### [DESCRIPTION OF THE TASK]
The lines from the beginning of the records below through the one holding "#71=DIRECTION('',(0.,0.,1.));" are to be copied exactly; leave the pictures out.

### [Source records]

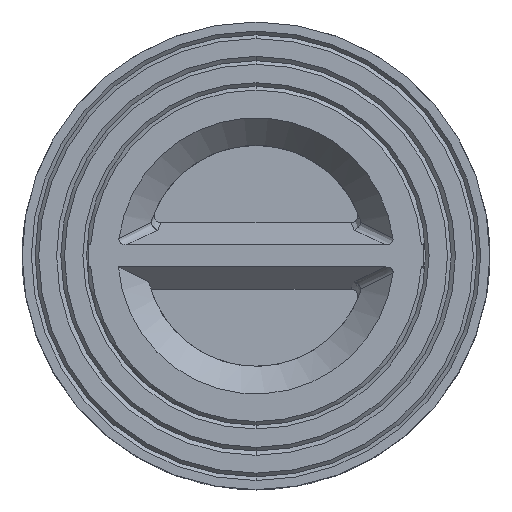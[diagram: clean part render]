
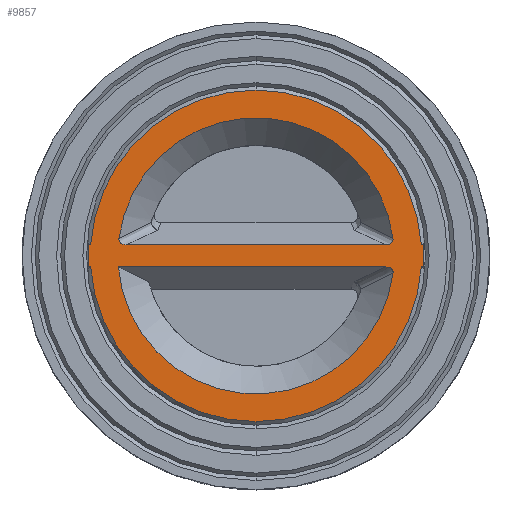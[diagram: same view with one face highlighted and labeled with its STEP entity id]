
A CAD part, top view. The second image highlights one B-rep face of the part: STEP entity #9857.
In plain terms, the highlighted planar face has unit normal (0, 0, 1).
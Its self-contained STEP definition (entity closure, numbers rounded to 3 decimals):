
#52=CARTESIAN_POINT('',(0.,0.,0.));
#53=DIRECTION('',(0.,0.,1.));
#54=DIRECTION('',(-0.998,-0.067,0.));
#55=AXIS2_PLACEMENT_3D('',#52,#53,#54);
#57=DIRECTION('',(0.,1.,0.));
#58=VECTOR('',#57,6.);
#59=CARTESIAN_POINT('',(-45.5,-3.,0.));
#60=LINE('',#59,#58);
#61=DIRECTION('',(1.,0.,0.));
#62=VECTOR('',#61,0.6);
#63=CARTESIAN_POINT('',(-45.5,3.,0.));
#64=LINE('',#63,#62);
#65=CARTESIAN_POINT('',(0.,0.,0.));
#66=DIRECTION('',(0.,0.,1.));
#67=DIRECTION('',(0.,1.,0.));
#68=AXIS2_PLACEMENT_3D('',#65,#66,#67);
#70=CARTESIAN_POINT('',(0.,0.,0.));
#71=DIRECTION('',(0.,0.,1.));
#72=DIRECTION('',(0.998,0.067,0.));
#73=AXIS2_PLACEMENT_3D('',#70,#71,#72);
#75=DIRECTION('',(1.,0.,0.));
#76=VECTOR('',#75,0.6);
#77=CARTESIAN_POINT('',(44.9,3.,0.));
#78=LINE('',#77,#76);
#79=DIRECTION('',(0.,-1.,0.));
#80=VECTOR('',#79,6.);
#81=CARTESIAN_POINT('',(45.5,3.,0.));
#82=LINE('',#81,#80);
#83=CARTESIAN_POINT('',(0.,0.,0.));
#84=DIRECTION('',(0.,0.,1.));
#85=DIRECTION('',(0.,-1.,0.));
#86=AXIS2_PLACEMENT_3D('',#83,#84,#85);
#88=CARTESIAN_POINT('',(0.,0.,0.));
#89=DIRECTION('',(0.,0.,-1.));
#90=DIRECTION('',(0.992,-0.126,0.));
#91=AXIS2_PLACEMENT_3D('',#88,#89,#90);
#93=DIRECTION('',(1.,0.,0.));
#94=VECTOR('',#93,70.547);
#95=CARTESIAN_POINT('',(-35.273,3.,0.));
#96=LINE('',#95,#94);
#97=CARTESIAN_POINT('',(0.,0.,0.));
#98=DIRECTION('',(0.,0.,-1.));
#99=DIRECTION('',(-0.992,0.126,0.));
#100=AXIS2_PLACEMENT_3D('',#97,#98,#99);
#7457=DIRECTION('',(1.,0.,0.));
#7458=VECTOR('',#7457,0.6);
#7459=CARTESIAN_POINT('',(44.9,-3.,0.));
#7460=LINE('',#7459,#7458);
#7461=DIRECTION('',(1.,0.,0.));
#7462=VECTOR('',#7461,0.6);
#7463=CARTESIAN_POINT('',(-45.5,-3.,0.));
#7464=LINE('',#7463,#7462);
#7472=CARTESIAN_POINT('',(35.273,-3.,0.));
#7481=DIRECTION('',(1.,0.,0.));
#7482=VECTOR('',#7481,72.653);
#7483=CARTESIAN_POINT('',(-37.38,-3.,0.));
#7484=LINE('',#7483,#7482);
#7519=CARTESIAN_POINT('',(35.273,3.,0.));
#7537=CARTESIAN_POINT('',(-35.273,3.,0.));
#7671=CARTESIAN_POINT('',(-35.273,3.,0.));
#7672=CARTESIAN_POINT('',(-35.471,3.,
0.));
#7673=CARTESIAN_POINT('',(-35.843,3.035,
0.));
#7674=CARTESIAN_POINT('',(-36.339,3.191,
0.));
#7675=CARTESIAN_POINT('',(-36.74,3.443,
0.));
#7676=CARTESIAN_POINT('',(-37.036,3.779,
0.));
#7677=CARTESIAN_POINT('',(-37.214,4.237,
0.));
#7678=CARTESIAN_POINT('',(-37.222,4.563,
0.));
#7679=CARTESIAN_POINT('',(-37.2,4.736,
0.));
#7702=CARTESIAN_POINT('',(37.2,4.736,
0.));
#7703=CARTESIAN_POINT('',(37.222,4.563,
0.));
#7704=CARTESIAN_POINT('',(37.214,4.237,0.));
#7705=CARTESIAN_POINT('',(37.036,3.779,
0.));
#7706=CARTESIAN_POINT('',(36.74,3.443,0.));
#7707=CARTESIAN_POINT('',(36.339,3.191,
0.));
#7708=CARTESIAN_POINT('',(35.843,3.035,
0.));
#7709=CARTESIAN_POINT('',(35.471,3.,0.));
#7710=CARTESIAN_POINT('',(35.273,3.,0.));
#7720=CARTESIAN_POINT('',(35.273,-3.,0.));
#7721=CARTESIAN_POINT('',(35.471,-3.,
0.));
#7722=CARTESIAN_POINT('',(35.843,-3.035,
0.));
#7723=CARTESIAN_POINT('',(36.339,-3.191,
0.));
#7724=CARTESIAN_POINT('',(36.74,-3.443,
0.));
#7725=CARTESIAN_POINT('',(37.036,-3.779,
0.));
#7726=CARTESIAN_POINT('',(37.214,-4.237,
0.));
#7727=CARTESIAN_POINT('',(37.222,-4.563,
0.));
#7728=CARTESIAN_POINT('',(37.2,-4.736,
0.));
#7742=CARTESIAN_POINT('',(-37.38,-3.,0.));
#8281=CARTESIAN_POINT('',(0.,-45.,0.));
#8282=VERTEX_POINT('',#8281);
#8293=CARTESIAN_POINT('',(0.,45.,0.));
#8294=VERTEX_POINT('',#8293);
#8305=CARTESIAN_POINT('',(45.5,3.,0.));
#8306=CARTESIAN_POINT('',(45.5,-3.,0.));
#8307=VERTEX_POINT('',#8305);
#8308=VERTEX_POINT('',#8306);
#8309=CARTESIAN_POINT('',(-45.5,-3.,0.));
#8310=CARTESIAN_POINT('',(-45.5,3.,0.));
#8311=VERTEX_POINT('',#8309);
#8312=VERTEX_POINT('',#8310);
#8366=CARTESIAN_POINT('',(44.9,-3.,0.));
#8367=VERTEX_POINT('',#8366);
#8368=CARTESIAN_POINT('',(44.9,3.,0.));
#8369=VERTEX_POINT('',#8368);
#8370=CARTESIAN_POINT('',(-44.9,3.,0.));
#8371=VERTEX_POINT('',#8370);
#8372=CARTESIAN_POINT('',(-44.9,-3.,0.));
#8373=VERTEX_POINT('',#8372);
#9363=VERTEX_POINT('',#7742);
#9735=VERTEX_POINT('',#7472);
#9743=VERTEX_POINT('',#7519);
#9748=VERTEX_POINT('',#7537);
#9749=CARTESIAN_POINT('',(37.2,-4.736,0.));
#9750=VERTEX_POINT('',#9749);
#9751=CARTESIAN_POINT('',(-37.2,4.736,0.));
#9752=CARTESIAN_POINT('',(37.2,4.736,0.));
#9753=VERTEX_POINT('',#9751);
#9754=VERTEX_POINT('',#9752);
#9812=CARTESIAN_POINT('',(0.,0.,0.));
#9813=DIRECTION('',(0.,0.,1.));
#9814=DIRECTION('',(-1.,0.,0.));
#9815=AXIS2_PLACEMENT_3D('',#9812,#9813,#9814);
#9816=PLANE('',#9815);
#9818=ORIENTED_EDGE('',*,*,#9817,.F.);
#9820=ORIENTED_EDGE('',*,*,#9819,.F.);
#9822=ORIENTED_EDGE('',*,*,#9821,.T.);
#9824=ORIENTED_EDGE('',*,*,#9823,.T.);
#9826=ORIENTED_EDGE('',*,*,#9825,.F.);
#9828=ORIENTED_EDGE('',*,*,#9827,.F.);
#9830=ORIENTED_EDGE('',*,*,#9829,.T.);
#9832=ORIENTED_EDGE('',*,*,#9831,.T.);
#9834=ORIENTED_EDGE('',*,*,#9833,.F.);
#9836=ORIENTED_EDGE('',*,*,#9835,.F.);
#9837=EDGE_LOOP('',(#9818,#9820,#9822,#9824,#9826,#9828,#9830,#9832,#9834,
#9836));
#9838=FACE_OUTER_BOUND('',#9837,.F.);
#9840=ORIENTED_EDGE('',*,*,#9839,.F.);
#9842=ORIENTED_EDGE('',*,*,#9841,.F.);
#9844=ORIENTED_EDGE('',*,*,#9843,.F.);
#9845=EDGE_LOOP('',(#9840,#9842,#9844));
#9846=FACE_BOUND('',#9845,.F.);
#9848=ORIENTED_EDGE('',*,*,#9847,.T.);
#9850=ORIENTED_EDGE('',*,*,#9849,.F.);
#9852=ORIENTED_EDGE('',*,*,#9851,.F.);
#9854=ORIENTED_EDGE('',*,*,#9853,.F.);
#9855=EDGE_LOOP('',(#9848,#9850,#9852,#9854));
#9856=FACE_BOUND('',#9855,.F.);
#56=CIRCLE('',#55,45.);
#69=CIRCLE('',#68,45.);
#74=CIRCLE('',#73,45.);
#87=CIRCLE('',#86,45.);
#92=CIRCLE('',#91,37.5);
#101=CIRCLE('',#100,37.5);
#7680=B_SPLINE_CURVE_WITH_KNOTS('',3,(#7671,#7672,#7673,#7674,#7675,#7676,#7677,
#7678,#7679),.UNSPECIFIED.,.F.,.F.,(4,1,1,1,1,1,4),(0.,0.167,
0.333,0.5,0.667,0.833,1.),
.UNSPECIFIED.);
#7711=B_SPLINE_CURVE_WITH_KNOTS('',3,(#7702,#7703,#7704,#7705,#7706,#7707,#7708,
#7709,#7710),.UNSPECIFIED.,.F.,.F.,(4,1,1,1,1,1,4),(0.,0.167,
0.333,0.5,0.667,0.833,1.),
.UNSPECIFIED.);
#7729=B_SPLINE_CURVE_WITH_KNOTS('',3,(#7720,#7721,#7722,#7723,#7724,#7725,#7726,
#7727,#7728),.UNSPECIFIED.,.F.,.F.,(4,1,1,1,1,1,4),(0.,0.167,
0.333,0.5,0.667,0.833,1.),
.UNSPECIFIED.);
#9817=EDGE_CURVE('',#8373,#8282,#56,.T.);
#9819=EDGE_CURVE('',#8311,#8373,#7464,.T.);
#9821=EDGE_CURVE('',#8311,#8312,#60,.T.);
#9823=EDGE_CURVE('',#8312,#8371,#64,.T.);
#9825=EDGE_CURVE('',#8294,#8371,#69,.T.);
#9827=EDGE_CURVE('',#8369,#8294,#74,.T.);
#9829=EDGE_CURVE('',#8369,#8307,#78,.T.);
#9831=EDGE_CURVE('',#8307,#8308,#82,.T.);
#9833=EDGE_CURVE('',#8367,#8308,#7460,.T.);
#9835=EDGE_CURVE('',#8282,#8367,#87,.T.);
#9839=EDGE_CURVE('',#9750,#9363,#92,.T.);
#9841=EDGE_CURVE('',#9735,#9750,#7729,.T.);
#9843=EDGE_CURVE('',#9363,#9735,#7484,.T.);
#9847=EDGE_CURVE('',#9748,#9743,#96,.T.);
#9849=EDGE_CURVE('',#9754,#9743,#7711,.T.);
#9851=EDGE_CURVE('',#9753,#9754,#101,.T.);
#9853=EDGE_CURVE('',#9748,#9753,#7680,.T.);
#9857=ADVANCED_FACE('',(#9838,#9846,#9856),#9816,.T.);
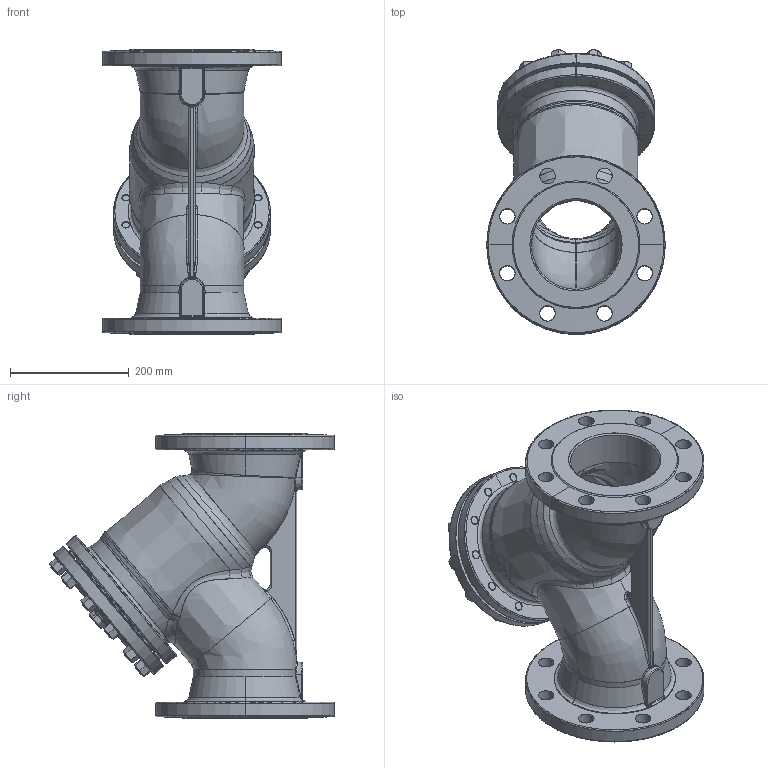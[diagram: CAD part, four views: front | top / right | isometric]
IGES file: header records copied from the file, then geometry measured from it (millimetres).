
Start section: SolidWorks IGES file using analytic representation for surfaces
Global section: file name: D:\Archiwum SolidWorks\staliwo\821\PN40\CAD\821_DN150 PN 40.IGS; native system: SolidWorks 2010; preprocessor: SolidWorks 2010; author: wtarnaws; date: 100113.085144; units: millimetre
Bounding box: 300 x 478.64 x 480 mm (x, y, z)
Surface area: 1157108.6 mm2 (no closed solid volume)
Topology: 0 solids, 0 shells, 995 faces, 16292 edges, 16283 vertices
Faces by surface type: revolution 576, bspline 419
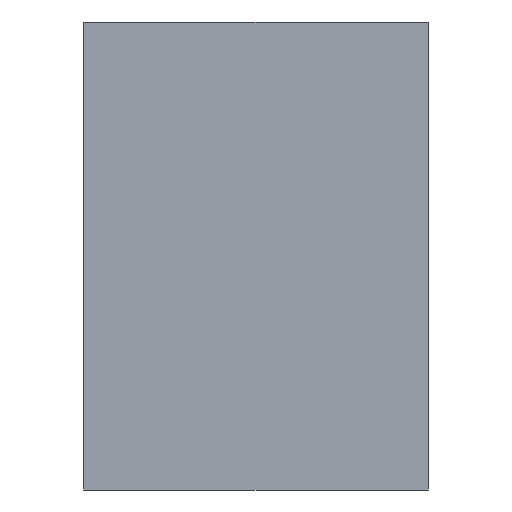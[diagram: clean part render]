
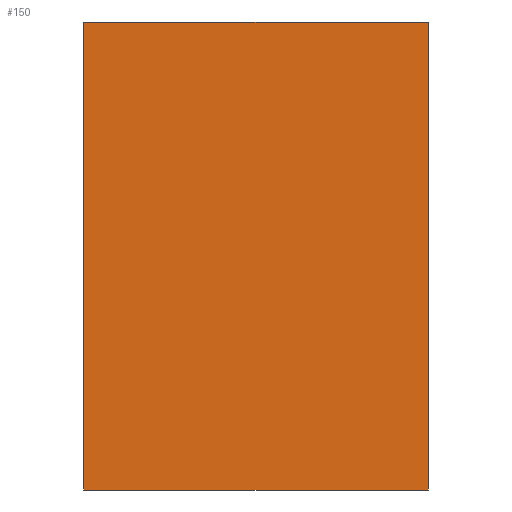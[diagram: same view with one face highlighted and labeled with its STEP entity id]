
A CAD part, front view. The second image highlights one B-rep face of the part: STEP entity #150.
In plain terms, the highlighted planar face has unit normal (0, -1, 0).
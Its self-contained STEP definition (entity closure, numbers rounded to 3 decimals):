
#107=PLANE('',#623);
#121=FACE_OUTER_BOUND('',#297,.T.);
#123=LINE('',#875,#135);
#124=LINE('',#878,#136);
#125=LINE('',#880,#137);
#126=LINE('',#882,#138);
#135=VECTOR('',#711,1.);
#136=VECTOR('',#712,1.);
#137=VECTOR('',#713,1.);
#138=VECTOR('',#714,1.);
#150=ADVANCED_FACE('',(#121),#107,.F.);
#297=EDGE_LOOP('',(#379,#380,#381,#382));
#379=ORIENTED_EDGE('',*,*,#531,.T.);
#380=ORIENTED_EDGE('',*,*,#532,.F.);
#381=ORIENTED_EDGE('',*,*,#533,.F.);
#382=ORIENTED_EDGE('',*,*,#534,.T.);
#479=VERTEX_POINT('',#876);
#480=VERTEX_POINT('',#877);
#481=VERTEX_POINT('',#879);
#482=VERTEX_POINT('',#881);
#531=EDGE_CURVE('',#479,#480,#123,.T.);
#532=EDGE_CURVE('',#481,#480,#124,.T.);
#533=EDGE_CURVE('',#482,#481,#125,.T.);
#534=EDGE_CURVE('',#482,#479,#126,.T.);
#623=AXIS2_PLACEMENT_3D('',#883,#715,#716);
#711=DIRECTION('',(0.,0.,1.));
#712=DIRECTION('',(1.,0.,0.));
#713=DIRECTION('',(0.,0.,1.));
#714=DIRECTION('',(1.,0.,0.));
#715=DIRECTION('',(0.,1.,0.));
#716=DIRECTION('',(0.,0.,1.));
#875=CARTESIAN_POINT('',(0.,-80.,-67.));
#876=CARTESIAN_POINT('',(0.,-80.,-67.));
#877=CARTESIAN_POINT('',(0.,-80.,69.));
#878=CARTESIAN_POINT('',(-100.,-80.,69.));
#879=CARTESIAN_POINT('',(-100.,-80.,69.));
#880=CARTESIAN_POINT('',(-100.,-80.,-67.));
#881=CARTESIAN_POINT('',(-100.,-80.,-67.));
#882=CARTESIAN_POINT('',(-100.,-80.,-67.));
#883=CARTESIAN_POINT('',(-100.,-80.,-67.));

### [RESPONSE]
[diagram: clean part render]
[diagram: same view with one face highlighted and labeled with its STEP entity id]
A CAD part, top view. The second image highlights one B-rep face of the part: STEP entity #9857.
In plain terms, the highlighted planar face has unit normal (0, 0, 1).
Its self-contained STEP definition (entity closure, numbers rounded to 3 decimals):
#52=CARTESIAN_POINT('',(0.,0.,0.));
#53=DIRECTION('',(0.,0.,1.));
#54=DIRECTION('',(-0.998,-0.067,0.));
#55=AXIS2_PLACEMENT_3D('',#52,#53,#54);
#57=DIRECTION('',(0.,1.,0.));
#58=VECTOR('',#57,6.);
#59=CARTESIAN_POINT('',(-45.5,-3.,0.));
#60=LINE('',#59,#58);
#61=DIRECTION('',(1.,0.,0.));
#62=VECTOR('',#61,0.6);
#63=CARTESIAN_POINT('',(-45.5,3.,0.));
#64=LINE('',#63,#62);
#65=CARTESIAN_POINT('',(0.,0.,0.));
#66=DIRECTION('',(0.,0.,1.));
#67=DIRECTION('',(0.,1.,0.));
#68=AXIS2_PLACEMENT_3D('',#65,#66,#67);
#70=CARTESIAN_POINT('',(0.,0.,0.));
#71=DIRECTION('',(0.,0.,1.));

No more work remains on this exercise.